Regression Flashcards
How can Linear Regression be extended?
With regularisers (L2 Regularisation)
What is regression even for?
For predicting continuous classes; where classification fails
What is Linear Regression?
Linear Regression is an attempt to build a linear model to predict the target values, by finding a weight for each attribute.
Captures a relationship between two variables or attributes
It makes the assumption that there is a linear relationship between the two variables
x = W0 + sum of WiAi
x = class
w* are the weights
a* are the attribute values
How to choose the best line for linear regression?
option 1) Finding the line that minimises the distance between all points and the line
- Euclidean distance: d(a,b) = sqrt(sumof(ai - bi)^2))
option 2) Least squares estimation: finding the line that minimises the sum of the squares of the vertical distances between approximated/predicted and observed
- minimise the Residual Sum of Squares (RSS) -> aka Sum of Square Errors (SSE):
RSS(Beta) = Sumof(yi - betaxi)^2
Which metric to use for linear regression to find the best line?
- Actual choice of metric isn’t that important, they’re all pretty stable
Just use either
- Root mean-squared error
- Root relative squared error
- Correlation coefficient
WTF is a Regression Tree?
Extension of Decision Trees, where the “class” (value) at each leaf is calculated by averaging over the values of all instances at that node
WTF is a Model Tree?
Generalised regression trees where the class at each leaf is calculated via linear regression over training instances at that node
Basically partitioning our data set and applying linear regression to each partition
As you work down the tree, the result at each leaf node is which linear regression model to use on our data set
Regression vs Model trees
Model trees have advantages over regression trees in both compactness and prediction accuracy, because model trees can exploit local linearity in the data
Regression trees will never give a predicted value lying outside the range observed in the training cases, whereas model trees can extrapolate
How to translate a regression task into a simple classification task?
Can map a continuous class onto discrete classes via DISCRETISATION
- Set range of continuous variables that corresponds to each discrete class
How to translate a classification task into a suite of regression task?
MULTI-RESPONSE LINEAR REGRESSION
- Perform one regression per discrete class
- With all positive instances set to 1 and all negative instances set to 0
- Classify a given test instance by estimating its value relative to each class, and selecting the class with the highest value
- Approximates a numeric membership function for each class
WTF is Maximum Likelihood Estimation?
Goal is to search for a value of Beta so that the probability P(y = 1 | x) = hbeta(X) is large when x belongs to the “1” class and small when x belongs to the “0” class (so that P(y = 0 | x) is large)
Linear Regression uses gradient descent, what does Logistic Regression use?
Tries to maximise so uses gradient ascent
Can Logistic Regression be applied to multi-class classification?
By default, no, only for binary classification.

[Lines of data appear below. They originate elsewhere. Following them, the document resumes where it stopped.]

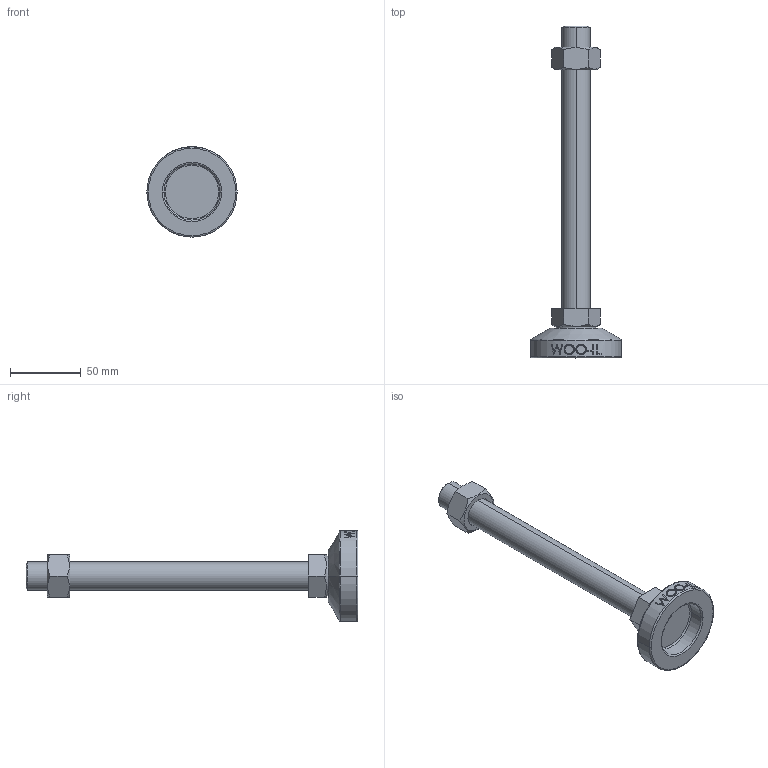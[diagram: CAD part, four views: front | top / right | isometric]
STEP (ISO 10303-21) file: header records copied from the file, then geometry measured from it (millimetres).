
FILE_DESCRIPTION (( 'STEP AP214' ), '1' );
FILE_NAME ('MFZ64-M20-200.step', '2021-01-15T07:07:19', ( '' ), ( '' ), 'SwSTEP 2.0', 'SolidWorks 2019', '' );
FILE_SCHEMA (( 'AUTOMOTIVE_DESIGN' ));
Length unit declared in the file: millimetre
Products named in the file (2): MFZ64-M20-200
Bounding box: 64 x 235 x 64 mm (x, y, z)
Volume: 124620.7 mm3; surface area: 29537.7 mm2
Topology: 3 solids, 3 shells, 106 faces, 247 edges, 158 vertices
Faces by surface type: plane 48, cylinder 18, bspline 16, cone 14, torus 10
Entity records: 4564 total; most frequent: CARTESIAN_POINT 2201, ORIENTED_EDGE 494, DIRECTION 439, EDGE_CURVE 247, AXIS2_PLACEMENT_3D 170, VERTEX_POINT 158, EDGE_LOOP 119, ADVANCED_FACE 106
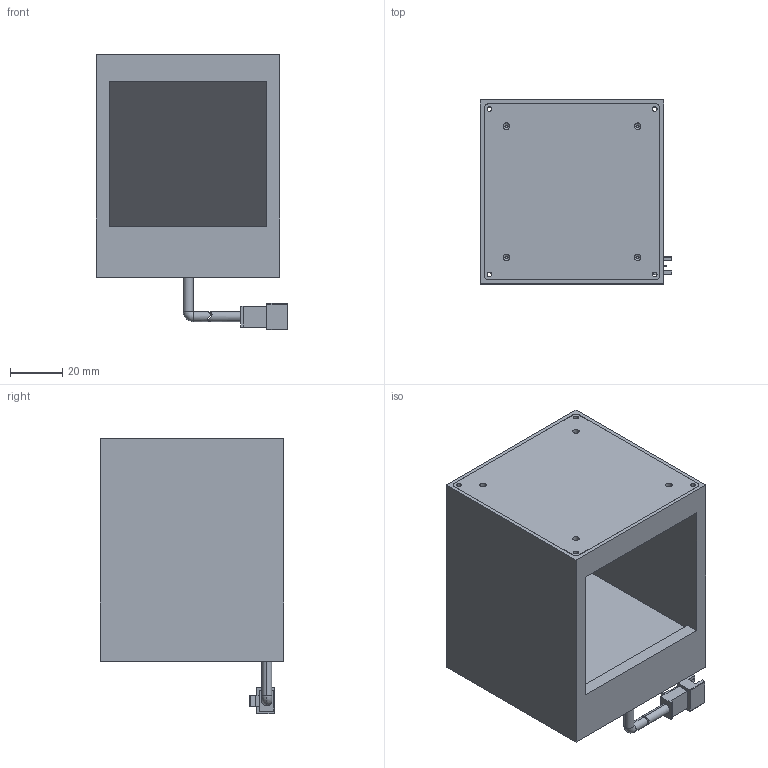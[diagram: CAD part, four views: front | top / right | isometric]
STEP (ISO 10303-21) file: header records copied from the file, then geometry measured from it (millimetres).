
FILE_DESCRIPTION (( 'STEP AP203' ), '1' );
FILE_NAME ('CO70.STEP', '2023-04-06T10:30:24', ( 'User' ), ( 'China' ), 'SwSTEP 2.0', 'SolidWorks 2022', '' );
FILE_SCHEMA (( 'CONFIG_CONTROL_DESIGN' ));
Length unit declared in the file: millimetre
Products named in the file (8): CO70-主体; CO70-防尘镜; 3拼母头; CO70-漫射版; CO70; CO70-后; CO70-分光镜; CO70-前
Assembly tree (7 placements, depth 2):
  CO70
    CO70-主体
    CO70-前
    CO70-后
    CO70-防尘镜
    CO70-漫射版
    CO70-分光镜
    3拼母头
Bounding box: 73 x 70 x 105 mm (x, y, z)
Volume: 144730.3 mm3; surface area: 87218.3 mm2
Topology: 8 solids, 8 shells, 222 faces, 580 edges, 382 vertices
Faces by surface type: plane 132, cylinder 80, cone 8, torus 2
Entity records: 7750 total; most frequent: CARTESIAN_POINT 1230, DIRECTION 1202, ORIENTED_EDGE 1160, EDGE_CURVE 580, AXIS2_PLACEMENT_3D 402, LINE 398, VECTOR 398, VERTEX_POINT 382
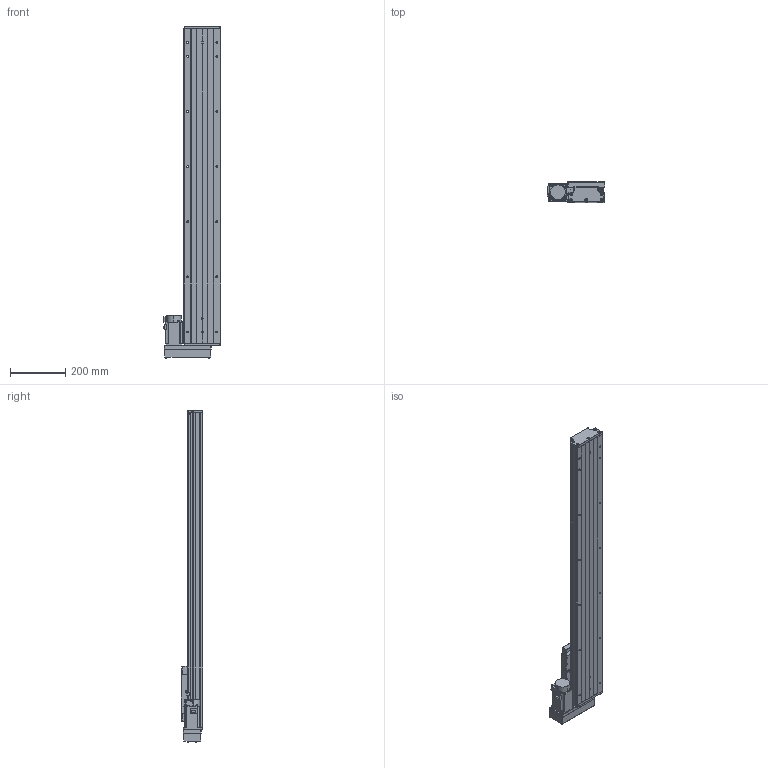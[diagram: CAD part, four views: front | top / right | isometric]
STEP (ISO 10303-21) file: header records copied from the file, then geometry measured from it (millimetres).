
FILE_DESCRIPTION (( 'STEP AP203' ), '1' );
FILE_NAME ('GTH14-900-BL-M40-C4.step', '2023-06-30T08:41:46', ( '微软用户' ), ( '微软中国' ), 'SwSTEP 2.0', 'SolidWorks 2020', '' );
FILE_SCHEMA (( 'CONFIG_CONTROL_DESIGN' ));
Length unit declared in the file: millimetre
Products named in the file (19): GBT 70.1-M3℅5; GTH14-900-BL-M40-C4; GTH14-015-2_CTHA86-015-2; GTH14-005; GBT77-2000 M3×3; GB1155-6X6; GTH14-031; GBT70.1 M5℅16; GBT 70.2-M3¡Á5_M3¡Á6; CTHA60-017; す晦芛蹟隊 M3℅5; GTH14-001_900; EE_SX911P_R; HG-KN43J-S100; GTH14-002_GTH14-002; CTHA60-016; GTH14-033; GBT 70.2-M4¡Á35_M4¡Á35; GTH14-004
Assembly tree (58 placements, depth 2):
  GTH14-900-BL-M40-C4
    GTH14-001_900
    GTH14-002_GTH14-002
    GTH14-004
    GTH14-005
    GB1155-6X6  x2
    GBT70.1 M5℅16  x10
    CTHA60-017  x3
    EE_SX911P_R  x3
    CTHA60-016  x2
    GBT 70.1-M3℅5  x6
    GBT77-2000 M3×3  x6
    GTH14-031
    GBT 70.2-M3¡Á5_M3¡Á6  x8
    す晦芛蹟隊 M3℅5  x6
    HG-KN43J-S100
    GBT 70.2-M4¡Á35_M4¡Á35  x4
    GTH14-015-2_CTHA86-015-2
    GTH14-033
Bounding box: 209.3 x 78 x 1204.2 mm (x, y, z)
Volume: 6483555.9 mm3; surface area: 1056379 mm2
Topology: 61 solids, 61 shells, 2473 faces, 5881 edges, 3626 vertices
Faces by surface type: plane 1311, cylinder 672, cone 314, torus 124, sphere 32, bspline 20
Entity records: 44774 total; most frequent: CARTESIAN_POINT 9957, DIRECTION 6609, ORIENTED_EDGE 6452, EDGE_CURVE 3226, AXIS2_PLACEMENT_3D 2270, VECTOR 2069, LINE 2069, VERTEX_POINT 2044

However, can extend to multi-classification by assuming a multinomial distribution.
- Mutlinomial Logistic Regression
Applies softmax - a generalisation of the logistic function to J dimensions.
- Results in a J-Dimensional vector of real values in the range (0,1) that add up to 1
Logistic Regression Pros and Cons
PROS
- Simple yet low-bias classifier
- Unlike Naive Bayes not confounded by diverse, correlated features
CONS
- Slow to train
- Some feature scaling issues
- Often needs a lot of data to work well
- Choosing a regularisation a nuisance but important since OVERFITTING is a problem - adds constraints on the parameter space
What is Regression? How is it similar to Classification, and how is it different?
Regression is used for when the target attribute (class) is numeric (continuous). Consequently, we can't assess the likelihood of each class like we can in Classification.